Armed with a network of cell phones and an Internet site, Indian activists are encouraging volunteers to join the "resisters", as they are known. Several Europeans - including at least one Briton - have reportedly joined the Navajo families.

The roots of the dispute run back to 1882, 20 years after the US cavalry led by Kit Carson broke the Navajos with a bitter scorched-earth campaign, and eight years before the battle of Wounded Knee ended the Indian wars. US President Chester Arthur granted 2.4 million acres in northern Arizona to the Hopis and "other Indians". The Navajos became the dominant people on the land.

In 1974 the US Congress finally passed legislation to divide the reservation between the two tribes. The Navajos got the lion's share, with 110,000 people living on 26,000 square miles today, as opposed to the Hopis' 10,000 members on 2,300 square miles. But in the last 20 years, more than 11,000 Navajos have been moved from Hopi land. While the US government paid more than $300m to buy new homes and relocate them, many families failed to adapt, it is said. Allegedly, some lost their property because they failed to understand electricity bills and property taxes, others were given polluted land.
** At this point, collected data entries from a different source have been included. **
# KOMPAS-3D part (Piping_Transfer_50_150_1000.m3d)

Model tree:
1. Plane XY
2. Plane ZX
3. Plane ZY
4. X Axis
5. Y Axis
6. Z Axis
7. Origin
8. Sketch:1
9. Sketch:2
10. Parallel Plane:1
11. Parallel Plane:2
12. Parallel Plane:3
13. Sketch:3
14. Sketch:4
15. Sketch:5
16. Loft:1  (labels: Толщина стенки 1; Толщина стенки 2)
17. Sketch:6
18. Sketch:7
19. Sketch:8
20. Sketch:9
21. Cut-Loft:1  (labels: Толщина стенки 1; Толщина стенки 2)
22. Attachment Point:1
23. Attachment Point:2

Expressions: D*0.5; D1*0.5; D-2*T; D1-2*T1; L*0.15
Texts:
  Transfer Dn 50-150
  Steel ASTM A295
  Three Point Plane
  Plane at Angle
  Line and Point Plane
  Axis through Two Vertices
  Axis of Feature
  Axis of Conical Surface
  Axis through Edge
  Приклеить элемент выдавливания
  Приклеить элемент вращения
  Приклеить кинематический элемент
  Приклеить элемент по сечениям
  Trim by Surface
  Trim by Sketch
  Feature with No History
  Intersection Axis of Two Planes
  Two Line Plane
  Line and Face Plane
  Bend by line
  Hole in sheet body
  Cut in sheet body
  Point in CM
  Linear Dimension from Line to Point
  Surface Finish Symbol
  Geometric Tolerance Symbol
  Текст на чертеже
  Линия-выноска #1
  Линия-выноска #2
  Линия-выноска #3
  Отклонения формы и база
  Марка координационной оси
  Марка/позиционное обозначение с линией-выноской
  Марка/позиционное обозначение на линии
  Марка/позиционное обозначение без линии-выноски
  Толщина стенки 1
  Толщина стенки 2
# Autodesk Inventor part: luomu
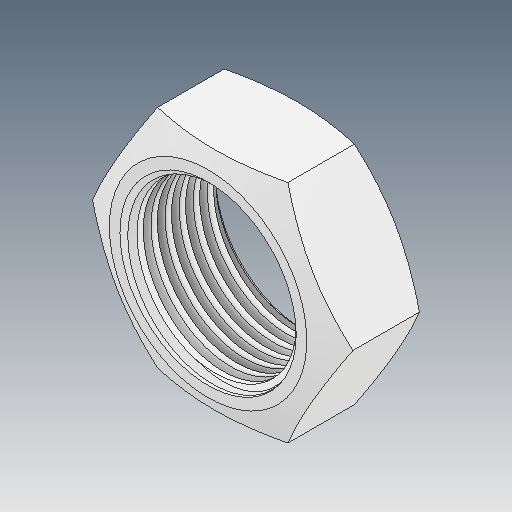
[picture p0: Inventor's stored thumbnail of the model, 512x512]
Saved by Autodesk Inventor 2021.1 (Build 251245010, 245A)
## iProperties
Created: 2021-05
Part Number: luomu
Material: Ogólny
Document SubType Name: Modeling
Designer: user
Density: 1 g/cm^3
Appearance: Domyślna
Author: user
Revision Number: ÈÎºÎ
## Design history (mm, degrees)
feature "ÊäÈë1"
node "Bryła1"
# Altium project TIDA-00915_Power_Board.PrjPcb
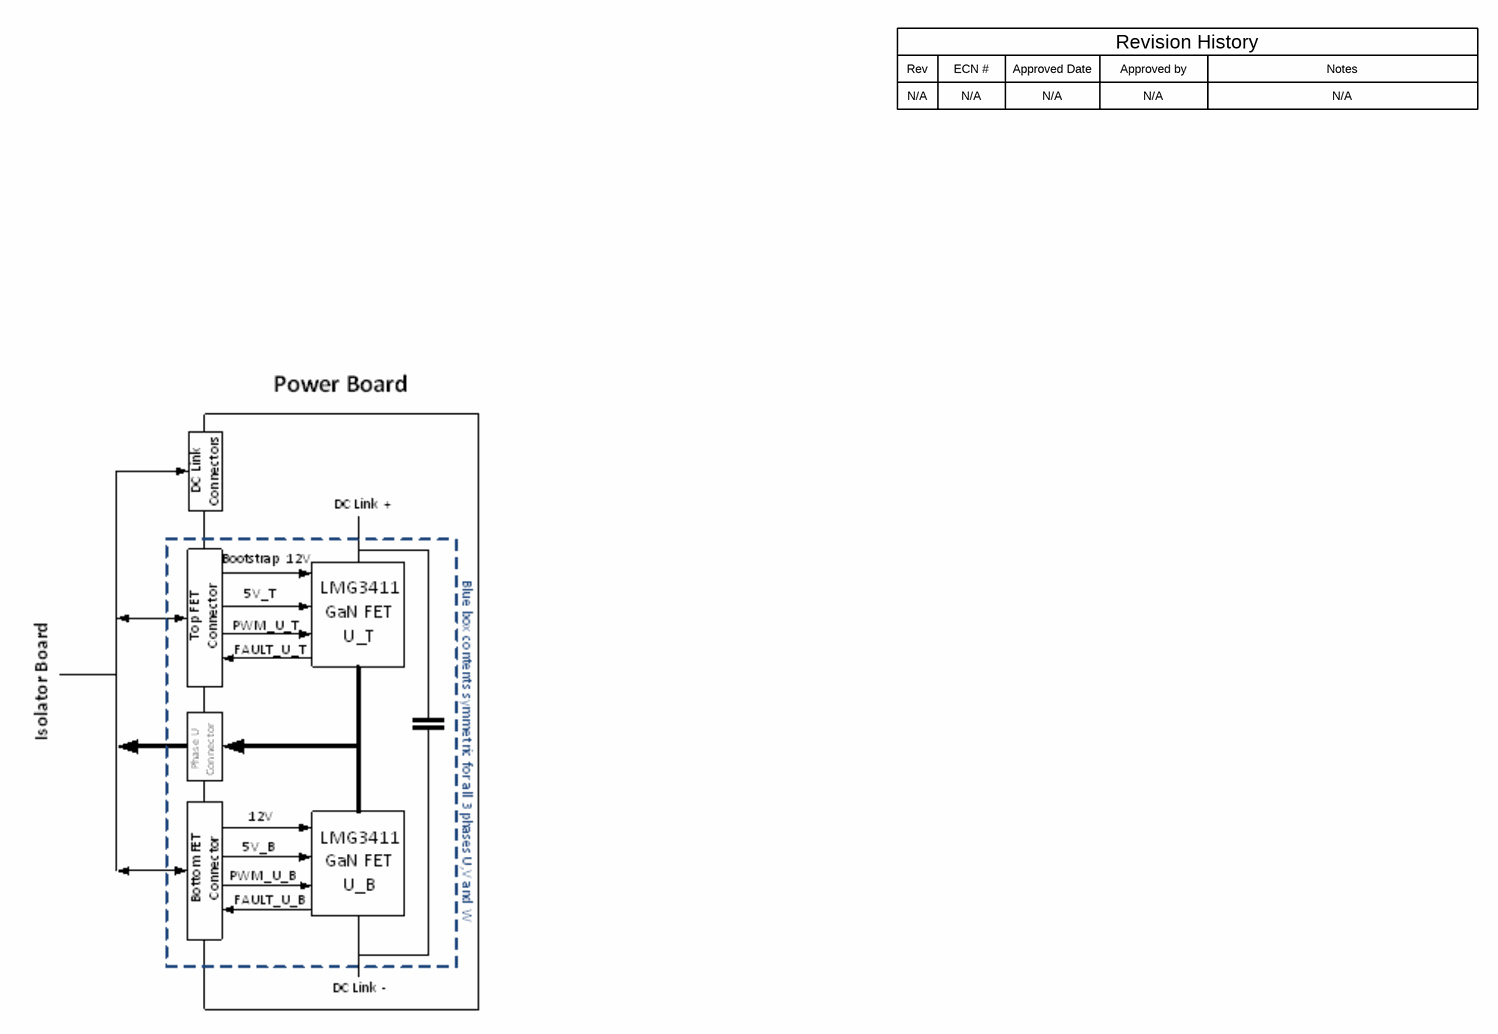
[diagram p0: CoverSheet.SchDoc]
TID: 00915; TechSupport: http://www.ti.com/support; SCH_Rev: E1; PRJ_Title: TIDA-00915_Power_Board; PRJ_Number: TIDA-00915_Power_Board; PRJ_Customer: Public Release; PCB_Rev: E1; CopyrightYear: 2019
5 sheets, 95 parts. Net scope: global (net labels, ports and power ports of the same name join across sheets).
Board file: TIDA-00915_Power_Board.PcbDoc
Sheets:
  CoverSheet.SchDoc
  EVM_Hardware.SchDoc
  Phase_U.SchDoc
  Phase_V.SchDoc
  Phase_W.SchDoc

## Sheet CoverSheet.SchDoc
size 431 x 279 mm; Date: Not shown in title block; ApprovedBy: Not shown in title block; CheckedBy: Not shown in title block; Author: Not shown in title block; CompanyName: Not shown in title block; Engineer: Not shown in title block; Organization: Not shown in title block; Address1: Not shown in title block; Address2: Not shown in title block; Address3: Not shown in title block; Address4: Not shown in title block; DocumentNumber: 1; Revision: Use project parameter SCH_Rev; SheetNumber: 1; SheetTotal: 3; PageSetup: Record=PageOptions¦CenterHorizontal=True¦CenterVertical=True¦PrintScale=1.00¦XCorrection=1.00¦YCorrection=1.00¦PrintKind=0¦BorderSize=5000000¦LeftOffset=0¦BottomOffset=0¦Orientation=2¦PaperLength=1000¦PaperWidth=1000¦Scale=100¦PaperSource=15¦PrintQuality=600¦MediaType=1¦DitherType=10¦PaperKind=Letter¦PrintScaleMode=1

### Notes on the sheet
- Rev
- N/A
- ECN #
- Approved Date
- Approved by
- Revision History
- Notes

## Sheet EVM_Hardware.SchDoc
size 431 x 279 mm; Date: Not shown in title block; ApprovedBy: Not shown in title block; CheckedBy: Not shown in title block; Author: Not shown in title block; CompanyName: Not shown in title block; Engineer: Not shown in title block; Organization: Not shown in title block; Address1: Not shown in title block; Address2: Not shown in title block; Address3: Not shown in title block; Address4: Not shown in title block; DocumentNumber: 1; Revision: Use project parameter SCH_Rev; SheetNumber: 3; SheetTotal: 3; PageSetup: Record=PageOptions¦CenterHorizontal=True¦CenterVertical=True¦PrintScale=1.00¦XCorrection=1.00¦YCorrection=1.00¦PrintKind=0¦BorderSize=5000000¦LeftOffset=0¦BottomOffset=0¦Orientation=2¦PaperLength=1000¦PaperWidth=1000¦Scale=100¦PaperSource=15¦PrintQuality=600¦MediaType=1¦DitherType=10¦PaperKind=Letter¦PrintScaleMode=1
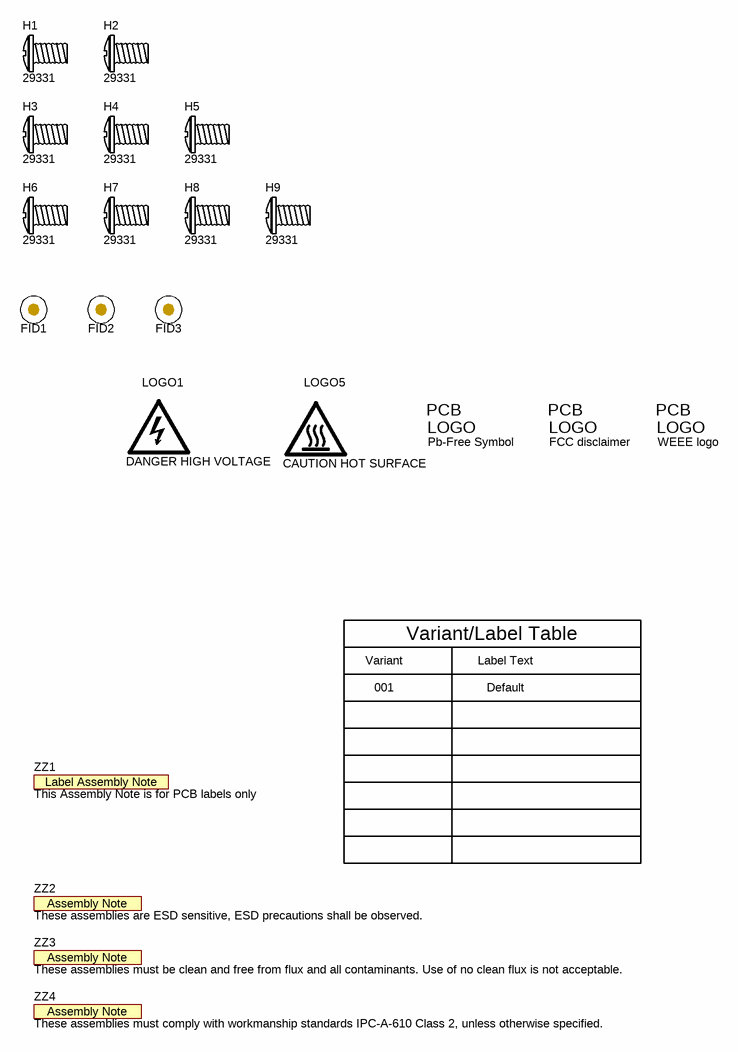
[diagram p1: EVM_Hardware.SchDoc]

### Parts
FID1  Fiducial  [Fiducial10-20]  (value not drawn)
FID2  Fiducial  [Fiducial10-20]  (value not drawn)
FID3  Fiducial  [Fiducial10-20]  (value not drawn)
H1  29331  [Keystone_29331]
H2  29331  [Keystone_29331]
H3  29331  [Keystone_29331]
H4  29331  [Keystone_29331]
H5  29331  [Keystone_29331]
H6  29331  [Keystone_29331]
H7  29331  [Keystone_29331]
H8  29331  [Keystone_29331]
H9  29331  [Keystone_29331]
LOGO1  DANGER HIGH VOLTAGE  [IEC_HighVoltage_Small]  (no BOM)
Logo2  Pb-Free Symbol  [Pb-Free_Overlay_Small]  (no BOM)
Logo3  FCC disclaimer  [FCC_disclaimer]  (no BOM)
Logo4  WEEE logo  [WEEE_Minimum]  (no BOM)
LOGO5  CAUTION HOT SURFACE  [IEC_HotSurface_Small]  (no BOM)
ZZ1  This Assembly Note is for PCB labels only  [AssemblyNoteLabel]  (no BOM)
ZZ2  These assemblies are ESD sensitive, ESD precautions shall be observed.  [AssemblyNote]  (no BOM)
ZZ3  These assemblies must be clean and free from flux and all contaminants. Use of no clean flux is not acceptable.  [AssemblyNote]  (no BOM)
ZZ4  These assemblies must comply with workmanship standards IPC-A-610 Class 2, unless otherwise specified.  [AssemblyNote]  (no BOM)

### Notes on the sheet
- Variant
- Variant/Label Table
- Label Text
- 001
- Default

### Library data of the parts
FID1-FID3 = CMP-0077181-1: Fiducial mark.  There is nothing to buy or mount.
H1-H9 = CMP-0086212-3: MACH SCREW FLAT SLOTTED #4-40; Manufacturer: Keystone
LOGO1 = CMP-0074835-1: IEC 61010-1 High Voltage Warning; Library Reference: IEC_HighVoltage; SymbolCreator: a0412235
Logo2 = CMP-0074839-1: SymbolCreator: a0412235; Library Reference: Logo
Logo3 = CMP-0074847-1: FCC_disclaimer; Library Reference: Logo
Logo4 = CMP-0074769-1
LOGO5 = CMP-0074837-1: IEC 61010-1 Hot Surface Warning; Library Reference: IEC_HotSurface; SymbolCreator: a0412235
ZZ1 = CMP-0003616-3
ZZ2 = CMP-0077236-1
ZZ3 = CMP-0077237-1
ZZ4 = CMP-0077238-1

## Sheet Phase_U.SchDoc
size 431 x 279 mm; Date: Not shown in title block; ApprovedBy: Not shown in title block; CheckedBy: Not shown in title block; Author: Not shown in title block; CompanyName: Not shown in title block; Engineer: Not shown in title block; Organization: Not shown in title block; Address1: Not shown in title block; Address2: Not shown in title block; Address3: Not shown in title block; Address4: Not shown in title block; DocumentNumber: 1; Revision: Use project parameter SCH_Rev; SheetNumber: 2; SheetTotal: 3; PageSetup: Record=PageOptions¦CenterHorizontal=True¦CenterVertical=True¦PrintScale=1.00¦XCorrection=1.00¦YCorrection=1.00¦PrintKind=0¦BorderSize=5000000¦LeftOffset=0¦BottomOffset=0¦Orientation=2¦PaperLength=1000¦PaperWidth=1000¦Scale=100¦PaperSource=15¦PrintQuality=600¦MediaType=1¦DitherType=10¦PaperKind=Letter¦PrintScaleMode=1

The 1,200 Navajos who have hung on say the leases would put their lives under control of outsiders, and accuse the Hopis of being chiefly interested in vast coal deposits said to lie below their ranches. Some have hinted at armed resistance.

The Navajo have a history as nomadic shepherds, and claim a spiritual relationship with the land. Mother Earth, they say, can be owned by no one. The Hopi are traditionally a more settled people. "Many people come around and tell us to go, but we say no," Alvin Clinton, a Navajo medicine man, told the Gallup Independent, a local newspaper. "We stay here because this is our way of life."